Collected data
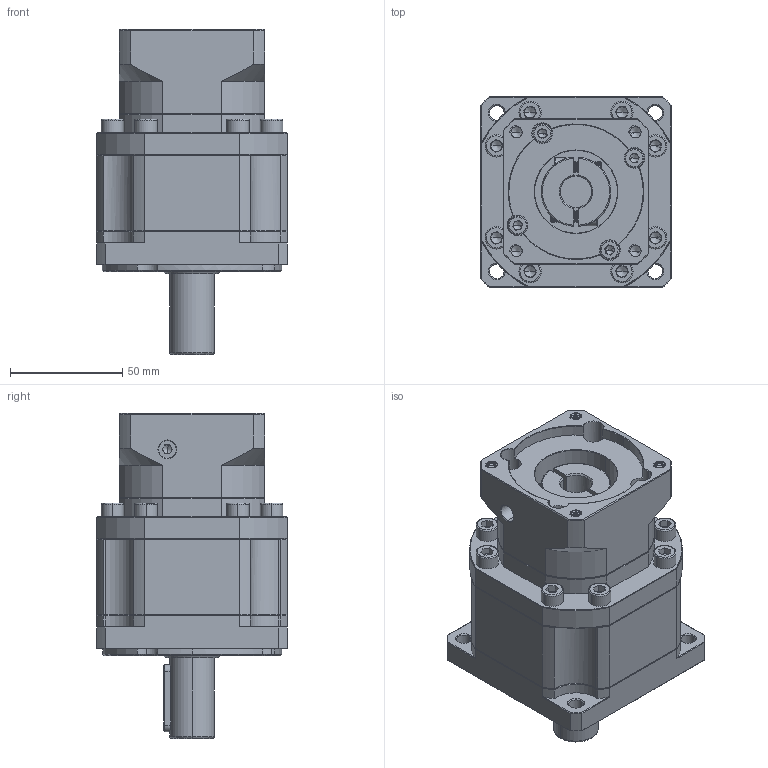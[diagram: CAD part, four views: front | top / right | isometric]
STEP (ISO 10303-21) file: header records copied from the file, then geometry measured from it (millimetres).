
FILE_DESCRIPTION (( 'STEP AP214' ), '1' );
FILE_NAME ('ZB90-D20-L2-14-60-75-M6.STEP', '2022-05-02T15:28:26', ( '' ), ( 'Microsoft' ), 'SwSTEP 2.0', 'SolidWorks 2016', '' );
FILE_SCHEMA (( 'AUTOMOTIVE_DESIGN' ));
Length unit declared in the file: millimetre
Products named in the file (1): ZB90-D20-L2-14-60-75-M6
Bounding box: 85 x 85 x 145 mm (x, y, z)
Volume: 538032.1 mm3; surface area: 76676.5 mm2
Topology: 6 solids, 6 shells, 2087 faces, 5475 edges, 3475 vertices
Faces by surface type: plane 1005, cylinder 405, bspline 328, cone 327, torus 22
Entity records: 110003 total; most frequent: CARTESIAN_POINT 38251, ORIENTED_EDGE 10858, DIRECTION 9012, EDGE_CURVE 5429, VERTEX_POINT 3475, VECTOR 3338, LINE 3338, AXIS2_PLACEMENT_3D 2837

What needs to be done> The answer should consist only of the lines from the one with "STEP (ISO 10303-21)" to the final line of the records above, retyped word for word.

Result for this task>
STEP (ISO 10303-21) file: header records copied from the file, then geometry measured from it (millimetres).
FILE_DESCRIPTION (( 'STEP AP214' ), '1' );
FILE_NAME ('ZB90-D20-L2-14-60-75-M6.STEP', '2022-05-02T15:28:26', ( '' ), ( 'Microsoft' ), 'SwSTEP 2.0', 'SolidWorks 2016', '' );
FILE_SCHEMA (( 'AUTOMOTIVE_DESIGN' ));
Length unit declared in the file: millimetre
Products named in the file (1): ZB90-D20-L2-14-60-75-M6
Bounding box: 85 x 85 x 145 mm (x, y, z)
Volume: 538032.1 mm3; surface area: 76676.5 mm2
Topology: 6 solids, 6 shells, 2087 faces, 5475 edges, 3475 vertices
Faces by surface type: plane 1005, cylinder 405, bspline 328, cone 327, torus 22
Entity records: 110003 total; most frequent: CARTESIAN_POINT 38251, ORIENTED_EDGE 10858, DIRECTION 9012, EDGE_CURVE 5429, VERTEX_POINT 3475, VECTOR 3338, LINE 3338, AXIS2_PLACEMENT_3D 2837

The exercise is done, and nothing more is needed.